[Start of section]
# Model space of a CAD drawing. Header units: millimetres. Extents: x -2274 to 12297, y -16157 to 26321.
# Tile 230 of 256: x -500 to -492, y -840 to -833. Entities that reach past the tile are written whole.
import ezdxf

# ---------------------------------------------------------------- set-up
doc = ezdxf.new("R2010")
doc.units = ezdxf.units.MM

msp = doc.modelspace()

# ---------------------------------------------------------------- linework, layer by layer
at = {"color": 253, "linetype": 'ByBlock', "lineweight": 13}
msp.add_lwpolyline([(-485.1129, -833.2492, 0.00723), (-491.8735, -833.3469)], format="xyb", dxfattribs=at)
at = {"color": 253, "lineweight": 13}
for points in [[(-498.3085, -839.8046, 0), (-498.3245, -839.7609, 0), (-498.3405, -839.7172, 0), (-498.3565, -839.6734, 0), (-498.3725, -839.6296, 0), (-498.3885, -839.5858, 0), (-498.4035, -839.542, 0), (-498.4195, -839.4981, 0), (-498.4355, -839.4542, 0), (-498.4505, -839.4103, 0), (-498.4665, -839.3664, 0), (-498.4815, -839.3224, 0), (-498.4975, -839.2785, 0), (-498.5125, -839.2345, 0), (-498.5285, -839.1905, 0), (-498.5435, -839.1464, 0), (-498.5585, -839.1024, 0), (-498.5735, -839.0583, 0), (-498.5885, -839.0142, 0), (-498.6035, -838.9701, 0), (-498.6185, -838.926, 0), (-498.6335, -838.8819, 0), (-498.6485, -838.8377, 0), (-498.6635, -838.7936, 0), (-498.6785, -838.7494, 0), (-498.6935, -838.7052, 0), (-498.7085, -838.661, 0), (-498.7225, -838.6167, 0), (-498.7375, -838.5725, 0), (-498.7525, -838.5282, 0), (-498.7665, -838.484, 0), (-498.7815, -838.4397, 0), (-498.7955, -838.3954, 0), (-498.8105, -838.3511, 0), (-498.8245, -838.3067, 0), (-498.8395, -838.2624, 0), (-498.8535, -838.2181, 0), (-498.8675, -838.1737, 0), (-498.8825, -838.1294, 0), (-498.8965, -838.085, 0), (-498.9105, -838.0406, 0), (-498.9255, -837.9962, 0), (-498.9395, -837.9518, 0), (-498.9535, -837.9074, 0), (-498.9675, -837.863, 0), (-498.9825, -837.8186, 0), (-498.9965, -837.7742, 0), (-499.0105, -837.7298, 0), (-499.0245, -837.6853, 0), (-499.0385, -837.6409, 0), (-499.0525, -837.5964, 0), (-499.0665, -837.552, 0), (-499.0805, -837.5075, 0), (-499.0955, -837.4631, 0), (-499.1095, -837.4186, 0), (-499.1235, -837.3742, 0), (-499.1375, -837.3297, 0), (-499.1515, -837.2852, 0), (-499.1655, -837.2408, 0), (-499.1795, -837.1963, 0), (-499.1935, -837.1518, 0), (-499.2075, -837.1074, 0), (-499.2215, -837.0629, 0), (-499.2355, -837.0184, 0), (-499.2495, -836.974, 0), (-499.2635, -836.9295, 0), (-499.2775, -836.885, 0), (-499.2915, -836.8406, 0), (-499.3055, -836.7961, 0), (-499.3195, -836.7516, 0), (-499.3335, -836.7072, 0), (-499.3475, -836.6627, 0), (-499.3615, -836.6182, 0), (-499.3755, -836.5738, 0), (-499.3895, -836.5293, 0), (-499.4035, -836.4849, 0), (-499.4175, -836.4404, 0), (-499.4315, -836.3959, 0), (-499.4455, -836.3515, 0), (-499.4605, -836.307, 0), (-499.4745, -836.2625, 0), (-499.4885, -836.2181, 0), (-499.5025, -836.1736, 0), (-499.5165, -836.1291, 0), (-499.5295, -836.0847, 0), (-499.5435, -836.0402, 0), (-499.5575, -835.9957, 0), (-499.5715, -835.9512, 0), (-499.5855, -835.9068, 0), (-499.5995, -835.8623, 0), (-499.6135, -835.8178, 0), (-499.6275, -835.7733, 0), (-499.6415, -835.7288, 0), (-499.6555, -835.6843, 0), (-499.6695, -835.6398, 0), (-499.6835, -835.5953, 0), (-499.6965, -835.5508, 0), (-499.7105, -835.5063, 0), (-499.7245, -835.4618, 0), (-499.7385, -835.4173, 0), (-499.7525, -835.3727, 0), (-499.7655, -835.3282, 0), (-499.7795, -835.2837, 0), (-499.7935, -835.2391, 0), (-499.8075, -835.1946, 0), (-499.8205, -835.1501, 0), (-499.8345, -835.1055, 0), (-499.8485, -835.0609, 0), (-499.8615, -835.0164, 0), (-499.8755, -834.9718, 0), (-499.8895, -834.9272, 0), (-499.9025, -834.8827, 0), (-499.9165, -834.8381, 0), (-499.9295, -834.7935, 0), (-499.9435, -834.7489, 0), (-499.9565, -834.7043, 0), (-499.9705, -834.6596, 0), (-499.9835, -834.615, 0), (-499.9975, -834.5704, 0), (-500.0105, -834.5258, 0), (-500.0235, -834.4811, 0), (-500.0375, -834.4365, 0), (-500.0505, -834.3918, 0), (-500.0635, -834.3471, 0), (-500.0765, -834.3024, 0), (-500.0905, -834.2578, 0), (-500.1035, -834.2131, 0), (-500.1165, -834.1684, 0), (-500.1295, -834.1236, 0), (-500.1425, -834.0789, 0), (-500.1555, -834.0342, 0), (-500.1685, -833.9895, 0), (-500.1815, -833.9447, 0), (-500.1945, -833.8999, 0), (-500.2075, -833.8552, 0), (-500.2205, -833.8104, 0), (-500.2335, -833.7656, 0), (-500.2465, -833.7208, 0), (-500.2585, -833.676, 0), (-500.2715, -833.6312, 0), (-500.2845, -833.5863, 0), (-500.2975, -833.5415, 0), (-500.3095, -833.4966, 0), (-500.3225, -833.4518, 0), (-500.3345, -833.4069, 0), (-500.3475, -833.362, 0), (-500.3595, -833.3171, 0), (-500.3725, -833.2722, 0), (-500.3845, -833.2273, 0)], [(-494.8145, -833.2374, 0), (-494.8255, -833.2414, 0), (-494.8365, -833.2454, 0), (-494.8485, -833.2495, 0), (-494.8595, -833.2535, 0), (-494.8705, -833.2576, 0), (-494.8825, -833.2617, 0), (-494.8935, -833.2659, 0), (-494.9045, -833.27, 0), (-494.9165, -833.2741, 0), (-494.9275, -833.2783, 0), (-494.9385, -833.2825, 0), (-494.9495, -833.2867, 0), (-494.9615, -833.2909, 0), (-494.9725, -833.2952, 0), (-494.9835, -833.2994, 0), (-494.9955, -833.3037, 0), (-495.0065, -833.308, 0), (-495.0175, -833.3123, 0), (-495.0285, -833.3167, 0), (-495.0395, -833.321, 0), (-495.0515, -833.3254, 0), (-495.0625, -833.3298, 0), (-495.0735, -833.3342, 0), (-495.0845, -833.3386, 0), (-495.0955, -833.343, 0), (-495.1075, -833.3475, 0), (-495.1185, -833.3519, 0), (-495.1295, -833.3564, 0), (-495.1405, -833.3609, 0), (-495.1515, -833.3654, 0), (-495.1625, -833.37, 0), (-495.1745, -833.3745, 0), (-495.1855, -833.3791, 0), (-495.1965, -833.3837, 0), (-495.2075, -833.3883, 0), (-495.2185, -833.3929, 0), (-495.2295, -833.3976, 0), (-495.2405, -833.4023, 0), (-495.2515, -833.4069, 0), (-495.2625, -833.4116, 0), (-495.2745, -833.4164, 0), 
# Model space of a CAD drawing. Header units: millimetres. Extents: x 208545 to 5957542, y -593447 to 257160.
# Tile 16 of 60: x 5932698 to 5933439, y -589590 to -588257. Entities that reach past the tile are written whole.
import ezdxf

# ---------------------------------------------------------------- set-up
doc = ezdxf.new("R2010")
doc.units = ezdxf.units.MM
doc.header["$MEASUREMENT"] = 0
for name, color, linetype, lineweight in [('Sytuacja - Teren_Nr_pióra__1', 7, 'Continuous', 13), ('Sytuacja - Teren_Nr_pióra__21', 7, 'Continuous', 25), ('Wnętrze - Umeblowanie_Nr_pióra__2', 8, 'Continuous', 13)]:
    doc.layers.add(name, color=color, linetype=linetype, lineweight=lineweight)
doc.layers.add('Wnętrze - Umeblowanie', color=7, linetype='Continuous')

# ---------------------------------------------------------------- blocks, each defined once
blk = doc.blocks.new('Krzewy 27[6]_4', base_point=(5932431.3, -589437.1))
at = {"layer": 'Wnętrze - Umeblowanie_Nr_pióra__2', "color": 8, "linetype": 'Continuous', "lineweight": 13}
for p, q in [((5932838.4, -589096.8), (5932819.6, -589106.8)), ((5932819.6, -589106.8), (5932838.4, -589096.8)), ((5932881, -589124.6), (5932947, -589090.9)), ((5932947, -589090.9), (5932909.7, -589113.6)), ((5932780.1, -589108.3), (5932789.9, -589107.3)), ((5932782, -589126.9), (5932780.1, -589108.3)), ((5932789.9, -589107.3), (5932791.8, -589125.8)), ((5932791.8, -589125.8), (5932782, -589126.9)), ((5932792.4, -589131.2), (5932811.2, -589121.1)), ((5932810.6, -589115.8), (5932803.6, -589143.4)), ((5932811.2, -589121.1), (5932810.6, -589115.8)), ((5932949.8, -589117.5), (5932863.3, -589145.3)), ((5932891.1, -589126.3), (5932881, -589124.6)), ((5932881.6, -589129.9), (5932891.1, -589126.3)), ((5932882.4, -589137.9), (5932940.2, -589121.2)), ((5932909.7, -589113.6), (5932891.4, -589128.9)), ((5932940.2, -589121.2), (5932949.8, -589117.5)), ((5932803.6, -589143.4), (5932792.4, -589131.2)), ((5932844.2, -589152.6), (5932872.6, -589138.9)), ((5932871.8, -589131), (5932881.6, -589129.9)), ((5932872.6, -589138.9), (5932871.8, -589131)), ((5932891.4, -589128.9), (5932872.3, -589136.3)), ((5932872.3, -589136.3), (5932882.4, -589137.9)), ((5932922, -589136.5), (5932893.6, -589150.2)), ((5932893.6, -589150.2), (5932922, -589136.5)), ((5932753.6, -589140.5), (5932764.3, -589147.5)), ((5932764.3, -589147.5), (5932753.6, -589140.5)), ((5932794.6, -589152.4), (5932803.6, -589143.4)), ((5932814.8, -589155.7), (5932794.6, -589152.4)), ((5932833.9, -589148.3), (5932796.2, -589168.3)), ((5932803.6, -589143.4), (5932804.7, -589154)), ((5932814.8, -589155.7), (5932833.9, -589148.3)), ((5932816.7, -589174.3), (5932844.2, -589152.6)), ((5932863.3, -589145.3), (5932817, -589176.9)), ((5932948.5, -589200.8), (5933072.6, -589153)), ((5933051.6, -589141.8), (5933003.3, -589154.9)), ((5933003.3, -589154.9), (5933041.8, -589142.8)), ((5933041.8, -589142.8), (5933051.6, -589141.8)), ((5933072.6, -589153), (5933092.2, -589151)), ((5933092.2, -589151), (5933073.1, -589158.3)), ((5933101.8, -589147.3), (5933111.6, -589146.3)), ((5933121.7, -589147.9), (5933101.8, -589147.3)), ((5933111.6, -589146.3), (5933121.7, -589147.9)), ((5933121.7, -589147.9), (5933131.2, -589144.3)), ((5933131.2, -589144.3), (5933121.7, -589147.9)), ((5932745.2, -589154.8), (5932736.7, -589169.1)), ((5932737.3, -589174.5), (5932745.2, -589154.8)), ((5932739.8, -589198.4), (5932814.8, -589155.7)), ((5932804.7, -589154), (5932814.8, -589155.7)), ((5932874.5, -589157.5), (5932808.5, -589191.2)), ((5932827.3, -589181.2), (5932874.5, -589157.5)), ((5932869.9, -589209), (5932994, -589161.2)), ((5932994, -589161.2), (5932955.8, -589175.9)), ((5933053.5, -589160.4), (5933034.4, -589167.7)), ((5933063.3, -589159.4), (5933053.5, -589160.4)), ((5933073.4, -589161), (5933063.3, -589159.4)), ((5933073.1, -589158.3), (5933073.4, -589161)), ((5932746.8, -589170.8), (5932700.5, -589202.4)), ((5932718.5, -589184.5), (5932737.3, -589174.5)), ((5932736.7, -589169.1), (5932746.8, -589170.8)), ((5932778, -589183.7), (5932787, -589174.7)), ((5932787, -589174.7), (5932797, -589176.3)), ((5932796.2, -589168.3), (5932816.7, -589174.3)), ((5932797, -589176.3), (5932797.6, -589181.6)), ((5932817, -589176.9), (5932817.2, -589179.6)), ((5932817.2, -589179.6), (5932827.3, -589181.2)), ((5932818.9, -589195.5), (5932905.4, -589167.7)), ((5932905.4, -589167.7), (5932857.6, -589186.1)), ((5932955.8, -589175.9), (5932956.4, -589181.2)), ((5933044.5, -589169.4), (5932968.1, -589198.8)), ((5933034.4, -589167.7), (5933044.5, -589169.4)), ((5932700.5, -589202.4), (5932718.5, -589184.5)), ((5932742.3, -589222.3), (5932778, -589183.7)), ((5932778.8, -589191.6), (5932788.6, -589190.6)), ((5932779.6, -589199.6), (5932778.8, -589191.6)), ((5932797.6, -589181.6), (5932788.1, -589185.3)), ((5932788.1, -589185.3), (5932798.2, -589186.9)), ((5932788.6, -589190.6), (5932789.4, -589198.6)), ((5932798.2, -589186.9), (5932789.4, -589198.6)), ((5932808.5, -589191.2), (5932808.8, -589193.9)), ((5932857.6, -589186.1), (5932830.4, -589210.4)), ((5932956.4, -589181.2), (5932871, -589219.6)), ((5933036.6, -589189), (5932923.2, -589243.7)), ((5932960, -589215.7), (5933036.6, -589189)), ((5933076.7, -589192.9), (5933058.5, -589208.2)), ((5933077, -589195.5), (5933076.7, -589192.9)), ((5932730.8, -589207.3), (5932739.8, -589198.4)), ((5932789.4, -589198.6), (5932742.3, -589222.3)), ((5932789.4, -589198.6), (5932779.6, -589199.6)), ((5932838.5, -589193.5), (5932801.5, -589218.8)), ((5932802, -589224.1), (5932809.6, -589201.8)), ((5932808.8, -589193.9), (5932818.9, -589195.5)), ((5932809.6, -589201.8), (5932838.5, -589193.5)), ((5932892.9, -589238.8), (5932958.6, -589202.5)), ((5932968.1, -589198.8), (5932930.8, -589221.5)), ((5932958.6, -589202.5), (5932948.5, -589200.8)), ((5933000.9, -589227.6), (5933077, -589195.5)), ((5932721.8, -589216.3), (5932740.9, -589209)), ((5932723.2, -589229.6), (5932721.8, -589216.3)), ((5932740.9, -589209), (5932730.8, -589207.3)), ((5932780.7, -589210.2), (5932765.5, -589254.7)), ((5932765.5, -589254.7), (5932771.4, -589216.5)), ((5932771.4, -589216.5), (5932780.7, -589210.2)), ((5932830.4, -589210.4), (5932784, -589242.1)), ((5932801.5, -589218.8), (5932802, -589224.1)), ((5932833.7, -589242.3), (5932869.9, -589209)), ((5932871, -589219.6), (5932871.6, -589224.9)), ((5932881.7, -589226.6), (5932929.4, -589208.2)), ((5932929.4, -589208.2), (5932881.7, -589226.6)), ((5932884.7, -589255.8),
[End of section]
What needs to be done —
Among the lines of the material, find those that hold the word "blocks" and copy them.

Task solution —
# ---------------------------------------------------------------- blocks, each defined once
blk = doc.blocks.new('Krzewy 27[6]_4', base_point=(5932431.3, -589437.1))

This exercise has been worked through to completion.